Department of Neurosurgery, Stanford Hospital, Stanford, California, USA.
Oper Neurosurg (Hagerstown). 2023 Apr 1;24(4):341-349. doi: 10.1227/ons.0000000000000590. Epub 2023 Jan 23.
Percutaneous trigeminal rhizotomy (PTR) is a widely used procedure for trigeminal neuralgia. However, comprehensive analyses that combine anatomic, radiological, and surgical considerations are rare.
To present high-quality anatomic dissections and radiological studies that highlight the technical nuances of this procedure.
Six silicon-injected postmortem heads underwent PTR. The surgical corridors were dissected, and the neurovascular relationships were studied. In addition, 20 dried human skulls and 50 computed tomography angiography and MRI scans were collected to study the anatomic relationships for a customized puncture corridor.
The PTR corridor was divided into 3 segments: the buccal segment (length, 34.76 ± 7.20 mm), the inferior temporal fossa segment (length, 42.06 ± 6.92 mm), and the Meckel cave segment (length, 24.75 ± 3.34 mm). The puncture sagittal (α) and axial (β) angles measured in this study were 38.32° ± 4.62° and 19.13° ± 2.82°, respectively. The precondylar reference line coincided with the foramen ovale in 75% of the computed tomography angiography scans, and the postcondylar line coincided with the carotid canal in 70% of the computed tomography angiography scans; these lines serve as the intraoperative landmarks for PTR. The ovale-carotid-pterygoid triangle, delineated by drawing a line from the foramen ovale to the carotid canal and the lateral pterygoid plate, is a distinguished landmark to use for avoiding neurovascular injury during fluoroscopy.

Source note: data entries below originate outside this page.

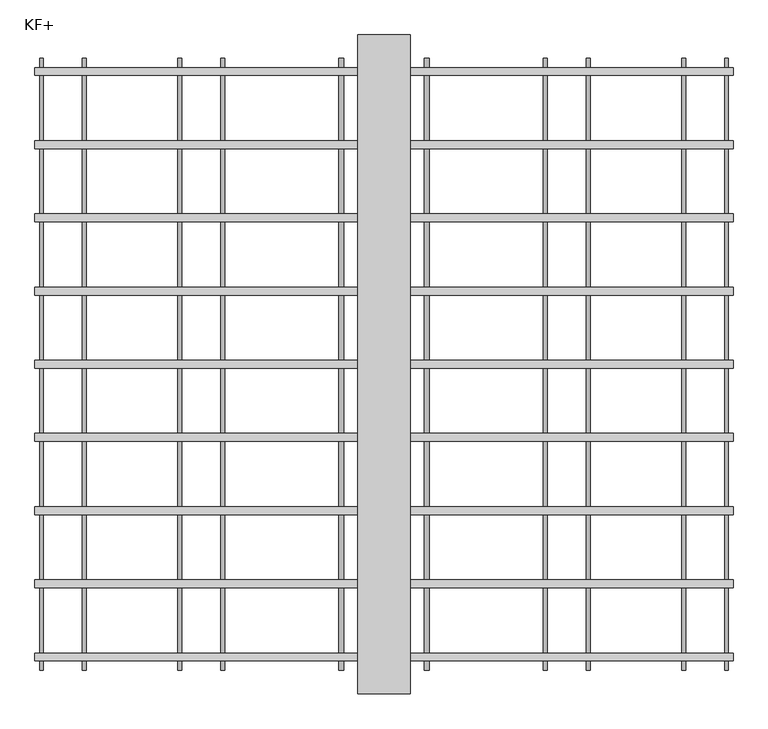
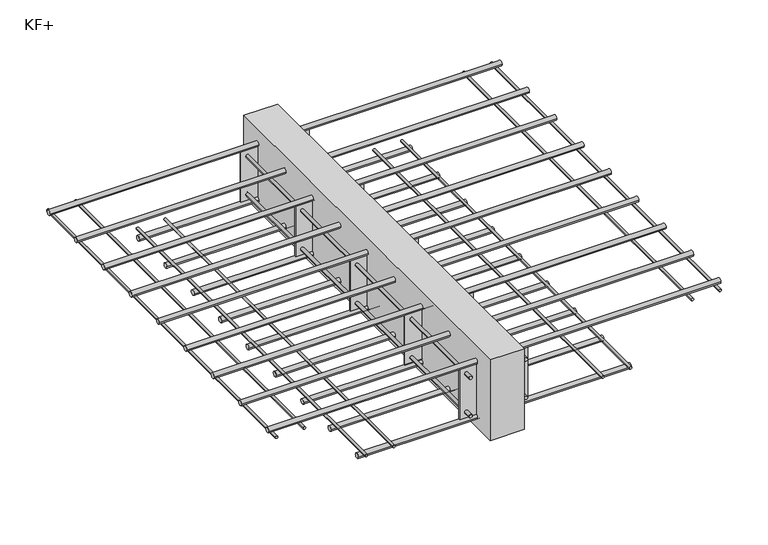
"""IFC4 building model written with IfcOpenShell, lengths in millimetres: proxy geometry, ACINOXplus_Typenreihe_K : KF+."""

from ifc_helpers import new_model, si_unit, point, frame, frame_2d, origin, place, context, project, spatial, polyline, circle_curve, trimmed, segment, composite_curve, outline, extrude, source, transform, mapped, element, save


def kf_8b9c6b6a(model_context):
    return source(origin(), model_context, "Body", "SweptSolid", [
        extrude(outline(polyline([(40.0, 500.0), (40.0, -500.0), (-40.0, -500.0), (-40.0, 500.0), (40.0, 500.0)])), frame((0.0, 0.0, -200.0), z_axis=(0.0, 0.0, 1.0), x_axis=(1.0, 0.0, 0.0)), (0.0, 0.0, 1.0), 200.0),
        extrude(outline(polyline([(80.0, -220.7222222), (80.0, -223.7222222), (-80.0, -223.7222222), (-80.0, -220.7222222), (80.0, -220.7222222)])), frame((0.0, 0.0, -167.0), z_axis=(0.0, 0.0, 1.0), x_axis=(1.0, 0.0, 0.0)), (0.0, 0.0, 1.0), 125.0),
        extrude(outline(polyline([(80.0, 1.5), (80.0, -1.5), (-80.0, -1.5), (-80.0, 1.5), (80.0, 1.5)])), frame((0.0, 0.0, -167.0), z_axis=(0.0, 0.0, 1.0), x_axis=(1.0, 0.0, 0.0)), (0.0, 0.0, 1.0), 125.0),
        extrude(outline(polyline([(80.0, 223.7222222), (80.0, 220.7222222), (-80.0, 220.7222222), (-80.0, 223.7222222), (80.0, 223.7222222)])), frame((0.0, 0.0, -167.0), z_axis=(0.0, 0.0, 1.0), x_axis=(1.0, 0.0, 0.0)), (0.0, 0.0, 1.0), 125.0),
        extrude(outline(polyline([(80.0, -442.9444444), (80.0, -445.9444444), (-80.0, -445.9444444), (-80.0, -442.9444444), (80.0, -442.9444444)])), frame((0.0, 0.0, -167.0), z_axis=(0.0, 0.0, 1.0), x_axis=(1.0, 0.0, 0.0)), (0.0, 0.0, 1.0), 125.0),
        extrude(outline(polyline([(80.0, 445.9444444), (80.0, 442.9444444), (-80.0, 442.9444444), (-80.0, 445.9444444), (80.0, 445.9444444)])), frame((0.0, 0.0, -167.0), z_axis=(0.0, 0.0, 1.0), x_axis=(1.0, 0.0, 0.0)), (0.0, 0.0, 1.0), 125.0),
        extrude(outline(composite_curve([segment(trimmed(circle_curve(frame_2d((-152.0, -65.0)), 4.0), [point((-152.0, -61.0))], [point((-152.0, -69.0))], False, "CARTESIAN"), True, "CONTINUOUS"), segment(trimmed(circle_curve(frame_2d((-152.0, -65.0)), 4.0), [point((-152.0, -69.0))], [point((-152.0, -61.0))], False, "CARTESIAN"), True, "CONTINUOUS")], self_intersect=False)), frame((0.0, -464.4444444, 0.0), z_axis=(0.0, 1.0, 0.0), x_axis=(0.0, 0.0, 1.0)), (0.0, 0.0, 1.0), 18.5),
        extrude(outline(composite_curve([segment(trimmed(circle_curve(frame_2d((-152.0, -65.0)), 4.0), [point((-152.0, -69.0))], [point((-152.0, -61.0))], False, "CARTESIAN"), True, "CONTINUOUS"), segment(trimmed(circle_curve(frame_2d((-152.0, -65.0)), 4.0), [point((-152.0, -61.0))], [point((-152.0, -69.0))], False, "CARTESIAN"), True, "CONTINUOUS")], self_intersect=False)), frame((0.0, -442.9444444, 0.0), z_axis=(0.0, 1.0, 0.0), x_axis=(0.0, 0.0, 1.0)), (0.0, 0.0, 1.0), 663.6666667),
        extrude(outline(composite_curve([segment(trimmed(circle_curve(frame_2d((-152.0, -65.0)), 4.0), [point((-152.0, -69.0))], [point((-152.0, -61.0))], False, "CARTESIAN"), True, "CONTINUOUS"), segment(trimmed(circle_curve(frame_2d((-152.0, -65.0)), 4.0), [point((-152.0, -61.0))], [point((-152.0, -69.0))], False, "CARTESIAN"), True, "CONTINUOUS")], self_intersect=False)), frame((0.0, 445.9444444, 0.0), z_axis=(0.0, 1.0, 0.0), x_axis=(0.0, 0.0, 1.0)), (0.0, 0.0, 1.0), 18.5),
        extrude(outline(composite_curve([segment(trimmed(circle_curve(frame_2d((-152.0, -65.0)), 4.0), [point((-152.0, -69.0))], [point((-152.0, -61.0))], False, "CARTESIAN"), True, "CONTINUOUS"), segment(trimmed(circle_curve(frame_2d((-152.0, -65.0)), 4.0), [point((-152.0, -61.0))], [point((-152.0, -69.0))], False, "CARTESIAN"), True, "CONTINUOUS")], self_intersect=False)), frame((0.0, 223.7222222, 0.0), z_axis=(0.0, 1.0, 0.0), x_axis=(0.0, 0.0, 1.0)), (0.0, 0.0, 1.0), 219.2222222),
        extrude(outline(composite_curve([segment(trimmed(circle_curve(frame_2d((-152.0, 65.0)), 4.0), [point((-152.0, 69.0))], [point((-152.0, 61.0))], False, "CARTESIAN"), True, "CONTINUOUS"), segment(trimmed(circle_curve(frame_2d((-152.0, 65.0)), 4.0), [point((-152.0, 61.0))], [point((-152.0, 69.0))], False, "CARTESIAN"), True, "CONTINUOUS")], self_intersect=False)), frame((0.0, -464.4444444, 0.0), z_axis=(0.0, 1.0, 0.0), x_axis=(0.0, 0.0, 1.0)), (0.0, 0.0, 1.0), 18.5),
        extrude(outline(composite_curve([segment(trimmed(circle_curve(frame_2d((-152.0, 65.0)), 4.0), [point((-152.0, 61.0))], [point((-152.0, 69.0))], False, "CARTESIAN"), True, "CONTINUOUS"), segment(trimmed(circle_curve(frame_2d((-152.0, 65.0)), 4.0), [point((-152.0, 69.0))], [point((-152.0, 61.0))], False, "CARTESIAN"), True, "CONTINUOUS")], self_intersect=False)), frame((0.0, -442.9444444, 0.0), z_axis=(0.0, 1.0, 0.0), x_axis=(0.0, 0.0, 1.0)), (0.0, 0.0, 1.0), 663.6666667),
        extrude(outline(composite_curve([segment(trimmed(circle_curve(frame_2d((-152.0, 65.0)), 4.0), [point((-152.0, 61.0))], [point((-152.0, 69.0))], False, "CARTESIAN"), True, "CONTINUOUS"), segment(trimmed(circle_curve(frame_2d((-152.0, 65.0)), 4.0), [point((-152.0, 69.0))], [point((-152.0, 61.0))], False, "CARTESIAN"), True, "CONTINUOUS")], self_intersect=False)), frame((0.0, 445.9444444, 0.0), z_axis=(0.0, 1.0, 0.0), x_axis=(0.0, 0.0, 1.0)), (0.0, 0.0, 1.0), 18.5),
        extrude(outline(composite_curve([segment(trimmed(circle_curve(frame_2d((-152.0, 65.0)), 4.0), [point((-152.0, 61.0))], [point((-152.0, 69.0))], False, "CARTESIAN"), True, "CONTINUOUS"), segment(trimmed(circle_curve(frame_2d((-152.0, 65.0)), 4.0), [point((-152.0, 69.0))], [point((-152.0, 61.0))], False, "CARTESIAN"), True, "CONTINUOUS")], self_intersect=False)), frame((0.0, 223.7222222, 0.0), z_axis=(0.0, 1.0, 0.0), x_axis=(0.0, 0.0, 1.0)), (0.0, 0.0, 1.0), 219.2222222),
        extrude(outline(composite_curve([segment(trimmed(circle_curve(frame_2d((-57.0, -65.0)), 4.0), [point((-57.0, -61.0))], [point((-57.0, -69.0))], False, "CARTESIAN"), True, "CONTINUOUS"), segment(trimmed(circle_curve(frame_2d((-57.0, -65.0)), 4.0), [point((-57.0, -69.0))], [point((-57.0, -61.0))], False, "CARTESIAN"), True, "CONTINUOUS")], self_intersect=False)), frame((0.0, -464.4444444, 0.0), z_axis=(0.0, 1.0, 0.0), x_axis=(0.0, 0.0, 1.0)), (0.0, 0.0, 1.0), 18.5),
        extrude(outline(composite_curve([segment(trimmed(circle_curve(frame_2d((-57.0, -65.0)), 4.0), [point((-57.0, -69.0))], [point((-57.0, -61.0))], False, "CARTESIAN"), True, "CONTINUOUS"), segment(trimmed(circle_curve(frame_2d((-57.0, -65.0)), 4.0), [point((-57.0, -61.0))], [point((-57.0, -69.0))], False, "CARTESIAN"), True, "CONTINUOUS")], self_intersect=False)), frame((0.0, -442.9444444, 0.0), z_axis=(0.0, 1.0, 0.0), x_axis=(0.0, 0.0, 1.0)), (0.0, 0.0, 1.0), 663.6666667),
        extrude(outline(composite_curve([segment(trimmed(circle_curve(frame_2d((-57.0, -65.0)), 4.0), [point((-57.0, -69.0))], [point((-57.0, -61.0))], False, "CARTESIAN"), True, "CONTINUOUS"), segment(trimmed(circle_curve(frame_2d((-57.0, -65.0)), 4.0), [point((-57.0, -61.0))], [point((-57.0, -69.0))], False, "CARTESIAN"), True, "CONTINUOUS")], self_intersect=False)), frame((0.0, 445.9444444, 0.0), z_axis=(0.0, 1.0, 0.0), x_axis=(0.0, 0.0, 1.0)), (0.0, 0.0, 1.0), 18.5),
        extrude(outline(composite_curve([segment(trimmed(circle_curve(frame_2d((-57.0, -65.0)), 4.0), [point((-57.0, -69.0))], [point((-57.0, -61.0))], False, "CARTESIAN"), True, "CONTINUOUS"), segment(trimmed(circle_curve(frame_2d((-57.0, -65.0)), 4.0), [point((-57.0, -61.0))], [point((-57.0, -69.0))], False, "CARTESIAN"), True, "CONTINUOUS")], self_intersect=False)), frame((0.0, 223.7222222, 0.0), z_axis=(0.0, 1.0, 0.0), x_axis=(0.0, 0.0, 1.0)), (0.0, 0.0, 1.0), 219.2222222),
        extrude(outline(composite_curve([segment(trimmed(circle_curve(frame_2d((-57.0, 65.0)), 4.0), [point((-57.0, 69.0))], [point((-57.0, 61.0))], False, "CARTESIAN"), True, "CONTINUOUS"), segment(trimmed(circle_curve(frame_2d((-57.0, 65.0)), 4.0), [point((-57.0, 61.0))], [point((-57.0, 69.0))], False, "CARTESIAN"), True, "CONTINUOUS")], self_intersect=False)), frame((0.0, -464.4444444, 0.0), z_axis=(0.0, 1.0, 0.0), x_axis=(0.0, 0.0, 1.0)), (0.0, 0.0, 1.0), 18.5),
        extrude(outline(composite_curve([segment(trimmed(circle_curve(frame_2d((-57.0, 65.0)), 4.0), [point((-57.0, 61.0))], [point((-57.0, 69.0))], False, "CARTESIAN"), True, "CONTINUOUS"), segment(trimmed(circle_curve(frame_2d((-57.0, 65.0)), 4.0), [point((-57.0, 69.0))], [point((-57.0, 61.0))], False, "CARTESIAN"), True, "CONTINUOUS")], self_intersect=False)), frame((0.0, -442.9444444, 0.0), z_axis=(0.0, 1.0, 0.0), x_axis=(0.0, 0.0, 1.0)), (0.0, 0.0, 1.0), 663.6666667),
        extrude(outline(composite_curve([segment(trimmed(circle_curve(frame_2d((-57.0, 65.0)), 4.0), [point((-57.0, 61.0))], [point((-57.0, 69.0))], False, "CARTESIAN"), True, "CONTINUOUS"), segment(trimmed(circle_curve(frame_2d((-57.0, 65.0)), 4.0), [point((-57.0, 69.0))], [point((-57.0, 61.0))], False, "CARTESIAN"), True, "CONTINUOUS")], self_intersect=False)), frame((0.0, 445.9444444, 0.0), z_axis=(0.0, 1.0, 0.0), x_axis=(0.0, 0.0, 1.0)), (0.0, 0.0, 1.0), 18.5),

Knowledge of the anatomic and radiological features of PTR is essential for a successful surgery, and a customized technical flow is a safe and effective way to access the foramen ovale.
经皮三叉神经根切断术(PTR)是治疗三叉神经痛的常用方法。然而,综合考虑解剖、放射学和手术因素的全面分析很少见。
呈现高质量的解剖学解剖和放射学研究,突出该手术的技术细节。
6 个头骨经过硅酮注射后进行 PTR。解剖手术通道,并研究神经血管关系。此外,收集了 20 个干人头骨和 50 个 CT 血管造影和 MRI 扫描,以研究用于定制穿刺通道的解剖关系。
PTR 通道分为 3 个节段:颊侧节段(长度为 34.76±7.20mm)、颞下窝节段(长度为 42.06±6.92mm)和 Meckel 腔节段(长度为 24.75±3.34mm)。本研究中测量的穿刺矢状角(α)和轴角(β)分别为 38.32°±4.62°和 19.13°±2.82°。75%的 CT 血管造影扫描中,髁前参考线与卵圆孔重合,70%的 CT 血管造影扫描中,髁后线与颈动脉管重合;这些线作为 PTR 的术中标志。卵圆孔-颈动脉-翼突三角,由从卵圆孔到颈动脉管和翼突板外侧画一条线划定,是在透视下避免神经血管损伤的一个明显标志。
了解 PTR 的解剖和放射学特征对于手术成功至关重要,而定制的技术流程是一种安全有效的方法,可以进入卵圆孔。